Contents of the invention

The object of the present invention is to provide a kit for diagnosing drug-resistant leukemia and a leukemia drug-resistant reversal agent.

The first aspect of the present invention is to overcome the shortcoming that conventional drug treatment of leukemia patients cannot effectively predict their chemotherapeutic agent tolerance, and use peripheral blood or bone marrow samples of patients to conduct in vitro culture and drug effect measurement to determine the expression level of ALC1 gene before and after treatment. The change is used as an evaluation index of drug tolerance, and is combined with the growth characteristics of leukemia cells after drug treatment to screen out sensitive chemotherapy or targeted therapy drugs. The invention provides the application of the ALC1 gene as a diagnostic reagent for drug-resistant leukemia, and a kit for diagnosing drug-resistant leukemia, which includes: Oligo(dT) ₁₅ , reverse transcriptase (M-MLV), M-MLV RT enzyme reaction buffer, RNase inhibitor, PCR buffer, dNTPs, MgCl ₂ , specific primers, Taq enzyme, used for qualitative and quantitative detection of ALC1 gene. The specific primer sequences are: SEQ ID NO: 5: 5'-CCTCCTTCTATGATCATGTTG-3' and SEQ ID NO: 6: 5'-TGTTCTCATCCCAGGCCTTG-3'. The preferred kit also contains control substances, wherein the positive control is the ALC1 cDNA sample of normal cells, and the negative control is sterilized double distilled water without ALC1.

The primers designed by the above kit were used to carry out reverse transcription PCR to conduct qualitative and semi-quantitative analysis of the ALC1 gene.

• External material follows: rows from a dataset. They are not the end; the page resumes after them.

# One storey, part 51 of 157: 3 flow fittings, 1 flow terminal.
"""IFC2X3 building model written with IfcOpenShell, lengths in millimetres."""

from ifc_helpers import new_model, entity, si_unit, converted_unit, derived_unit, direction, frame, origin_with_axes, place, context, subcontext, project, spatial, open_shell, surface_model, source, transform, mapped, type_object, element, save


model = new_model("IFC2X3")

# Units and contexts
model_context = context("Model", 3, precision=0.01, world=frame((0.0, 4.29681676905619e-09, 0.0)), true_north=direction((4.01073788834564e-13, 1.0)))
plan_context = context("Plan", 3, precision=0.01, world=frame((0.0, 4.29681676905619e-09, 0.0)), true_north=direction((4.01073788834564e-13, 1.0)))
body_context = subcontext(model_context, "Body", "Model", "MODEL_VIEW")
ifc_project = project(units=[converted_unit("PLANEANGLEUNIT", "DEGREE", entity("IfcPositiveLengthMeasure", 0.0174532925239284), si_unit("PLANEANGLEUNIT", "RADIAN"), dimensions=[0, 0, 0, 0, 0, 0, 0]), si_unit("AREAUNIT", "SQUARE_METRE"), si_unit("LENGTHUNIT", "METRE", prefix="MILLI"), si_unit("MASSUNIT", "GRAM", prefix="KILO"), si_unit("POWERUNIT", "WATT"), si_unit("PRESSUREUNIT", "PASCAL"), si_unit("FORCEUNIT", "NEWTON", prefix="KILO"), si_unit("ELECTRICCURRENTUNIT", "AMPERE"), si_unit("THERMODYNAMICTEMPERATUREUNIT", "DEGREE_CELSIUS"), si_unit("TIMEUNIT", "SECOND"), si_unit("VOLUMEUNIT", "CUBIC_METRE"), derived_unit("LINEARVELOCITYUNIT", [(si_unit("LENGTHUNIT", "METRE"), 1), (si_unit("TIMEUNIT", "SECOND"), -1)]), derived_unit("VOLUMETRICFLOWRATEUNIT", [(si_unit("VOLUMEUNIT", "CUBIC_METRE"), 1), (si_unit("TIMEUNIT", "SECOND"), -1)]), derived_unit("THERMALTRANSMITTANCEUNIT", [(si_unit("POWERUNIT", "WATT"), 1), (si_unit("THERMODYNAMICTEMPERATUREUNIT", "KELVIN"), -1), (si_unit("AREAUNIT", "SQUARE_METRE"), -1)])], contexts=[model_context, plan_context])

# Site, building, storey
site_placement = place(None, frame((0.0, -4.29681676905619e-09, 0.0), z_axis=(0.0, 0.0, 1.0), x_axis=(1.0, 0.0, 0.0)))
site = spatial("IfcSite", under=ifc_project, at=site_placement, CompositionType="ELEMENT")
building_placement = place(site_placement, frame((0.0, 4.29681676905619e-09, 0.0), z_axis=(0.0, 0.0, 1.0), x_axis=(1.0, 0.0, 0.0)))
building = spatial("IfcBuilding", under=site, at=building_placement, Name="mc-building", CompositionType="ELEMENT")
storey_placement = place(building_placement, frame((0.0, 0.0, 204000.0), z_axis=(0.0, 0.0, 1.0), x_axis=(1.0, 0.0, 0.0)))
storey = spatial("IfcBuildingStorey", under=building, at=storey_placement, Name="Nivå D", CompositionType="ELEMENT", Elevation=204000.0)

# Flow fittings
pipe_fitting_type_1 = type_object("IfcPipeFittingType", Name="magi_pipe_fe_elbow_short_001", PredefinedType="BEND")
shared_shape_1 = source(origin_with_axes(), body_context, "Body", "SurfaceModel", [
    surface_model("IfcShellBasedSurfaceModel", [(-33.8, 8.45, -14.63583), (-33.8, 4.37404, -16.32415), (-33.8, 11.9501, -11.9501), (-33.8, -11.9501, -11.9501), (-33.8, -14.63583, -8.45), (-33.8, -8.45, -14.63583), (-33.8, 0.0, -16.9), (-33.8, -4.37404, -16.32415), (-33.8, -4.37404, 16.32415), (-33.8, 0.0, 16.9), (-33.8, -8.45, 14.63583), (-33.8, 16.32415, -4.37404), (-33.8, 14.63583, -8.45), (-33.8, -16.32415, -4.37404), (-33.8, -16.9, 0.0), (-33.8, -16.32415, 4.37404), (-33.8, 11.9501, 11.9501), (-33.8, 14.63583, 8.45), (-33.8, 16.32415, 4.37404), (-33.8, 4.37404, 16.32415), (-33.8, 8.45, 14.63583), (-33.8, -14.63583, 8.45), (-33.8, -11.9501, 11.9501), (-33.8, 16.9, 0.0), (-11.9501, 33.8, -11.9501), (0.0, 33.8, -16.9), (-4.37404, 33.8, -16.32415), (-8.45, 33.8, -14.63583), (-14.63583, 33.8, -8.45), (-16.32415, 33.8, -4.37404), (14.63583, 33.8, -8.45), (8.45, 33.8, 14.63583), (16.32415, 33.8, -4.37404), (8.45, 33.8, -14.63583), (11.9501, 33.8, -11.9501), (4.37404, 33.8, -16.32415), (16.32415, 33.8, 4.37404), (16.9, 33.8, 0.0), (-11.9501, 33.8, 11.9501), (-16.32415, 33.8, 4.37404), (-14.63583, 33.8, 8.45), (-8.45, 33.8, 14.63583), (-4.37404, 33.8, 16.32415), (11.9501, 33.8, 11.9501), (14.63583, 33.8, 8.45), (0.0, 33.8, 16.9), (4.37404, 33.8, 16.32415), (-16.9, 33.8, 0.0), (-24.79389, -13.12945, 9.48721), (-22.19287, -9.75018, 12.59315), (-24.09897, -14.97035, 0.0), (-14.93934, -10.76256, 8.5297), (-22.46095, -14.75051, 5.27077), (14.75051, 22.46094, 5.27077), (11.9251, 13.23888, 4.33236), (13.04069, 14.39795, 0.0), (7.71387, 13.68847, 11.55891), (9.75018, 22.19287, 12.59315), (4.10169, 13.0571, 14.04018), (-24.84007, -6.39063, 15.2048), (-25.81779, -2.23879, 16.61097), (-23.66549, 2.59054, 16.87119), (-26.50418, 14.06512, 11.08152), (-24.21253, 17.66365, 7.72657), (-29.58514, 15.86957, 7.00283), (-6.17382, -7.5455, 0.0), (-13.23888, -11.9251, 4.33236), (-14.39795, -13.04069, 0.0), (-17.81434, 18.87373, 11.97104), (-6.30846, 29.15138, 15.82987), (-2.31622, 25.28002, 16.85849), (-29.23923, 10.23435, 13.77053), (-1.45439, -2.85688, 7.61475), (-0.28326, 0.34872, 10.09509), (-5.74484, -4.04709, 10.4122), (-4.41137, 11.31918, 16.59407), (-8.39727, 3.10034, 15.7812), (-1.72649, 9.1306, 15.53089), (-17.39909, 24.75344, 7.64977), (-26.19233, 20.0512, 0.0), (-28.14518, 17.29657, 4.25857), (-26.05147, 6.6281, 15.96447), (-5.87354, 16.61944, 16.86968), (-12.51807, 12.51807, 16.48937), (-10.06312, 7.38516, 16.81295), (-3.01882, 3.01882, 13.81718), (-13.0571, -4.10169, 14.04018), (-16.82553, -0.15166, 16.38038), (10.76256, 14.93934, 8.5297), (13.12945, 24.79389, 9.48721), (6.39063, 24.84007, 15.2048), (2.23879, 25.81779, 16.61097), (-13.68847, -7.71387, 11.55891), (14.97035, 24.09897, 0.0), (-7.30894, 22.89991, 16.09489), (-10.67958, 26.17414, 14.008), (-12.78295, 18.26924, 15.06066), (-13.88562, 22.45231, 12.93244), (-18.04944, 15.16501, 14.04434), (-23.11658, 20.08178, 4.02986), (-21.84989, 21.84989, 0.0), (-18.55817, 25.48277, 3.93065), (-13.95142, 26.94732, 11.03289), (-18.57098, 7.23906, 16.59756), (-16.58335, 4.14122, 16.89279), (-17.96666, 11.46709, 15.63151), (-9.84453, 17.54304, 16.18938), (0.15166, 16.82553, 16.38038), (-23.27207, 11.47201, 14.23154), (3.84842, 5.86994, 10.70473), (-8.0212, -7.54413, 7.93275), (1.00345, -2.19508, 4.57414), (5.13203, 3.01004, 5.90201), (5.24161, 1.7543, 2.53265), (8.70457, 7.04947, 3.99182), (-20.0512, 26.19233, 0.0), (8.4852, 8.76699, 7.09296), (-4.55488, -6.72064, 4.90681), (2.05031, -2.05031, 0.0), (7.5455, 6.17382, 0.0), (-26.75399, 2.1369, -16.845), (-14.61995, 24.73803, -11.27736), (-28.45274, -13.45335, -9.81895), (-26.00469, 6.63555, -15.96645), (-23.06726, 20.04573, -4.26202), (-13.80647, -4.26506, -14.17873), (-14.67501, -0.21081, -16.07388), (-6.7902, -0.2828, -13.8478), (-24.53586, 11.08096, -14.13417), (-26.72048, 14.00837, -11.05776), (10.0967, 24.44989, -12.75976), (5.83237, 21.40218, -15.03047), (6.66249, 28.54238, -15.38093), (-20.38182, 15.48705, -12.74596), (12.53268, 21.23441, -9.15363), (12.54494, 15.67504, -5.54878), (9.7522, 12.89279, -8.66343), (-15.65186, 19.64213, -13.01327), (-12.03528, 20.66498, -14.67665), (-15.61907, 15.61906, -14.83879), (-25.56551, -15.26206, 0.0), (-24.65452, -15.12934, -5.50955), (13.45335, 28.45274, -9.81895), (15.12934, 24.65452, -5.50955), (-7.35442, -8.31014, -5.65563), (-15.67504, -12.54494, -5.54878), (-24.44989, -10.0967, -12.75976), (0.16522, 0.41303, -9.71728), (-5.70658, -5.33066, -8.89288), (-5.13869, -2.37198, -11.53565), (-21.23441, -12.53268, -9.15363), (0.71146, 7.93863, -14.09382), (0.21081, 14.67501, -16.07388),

The second aspect of the present invention is the use of ALC1 in the preparation of leukemia drug resistance reversal agent. The ALC1 gene inhibitor can reverse drug tolerance and improve the cell proliferation inhibitory and apoptosis-promoting effects of various drugs, so it can be used to prepare acute and chronic leukemia multi-drug resistance reversal agents. The ALC1 gene inhibitor can be antisense nucleic acid, RNA interference (RNAi) molecule (which can be siRNA, shRNA, ddRNAi construct or its transcription template, such as DNA encoding shRNA), ALC1 specific antibody, etc. . The ALC1 inhibitors and/or complexes of the invention may be administered by any suitable route. Preferably, the ALC1 gene inhibitor of the present invention is ALC1 siRNA. All kinds of commercial or synthetic ALC1 siRNAs can realize the present invention. Preferably, the sequence of the ALC1 siRNA is:

Sense strand SEQ ID NO: 1:5'-GGAUUCACCUACGCUCUUATT-3', antisense strand SEQ ID NO: 2:5'-UAAGAGCGUAGGUGAAUCCCT-3'; or:

Sense strand SEQ ID NO: 3:5'-GCAUCGUGAUCGUUCCAAUTT-3', antisense strand SEQ ID NO: 4:5'-AUUGGAACGAUCACGAUGCTG-3'.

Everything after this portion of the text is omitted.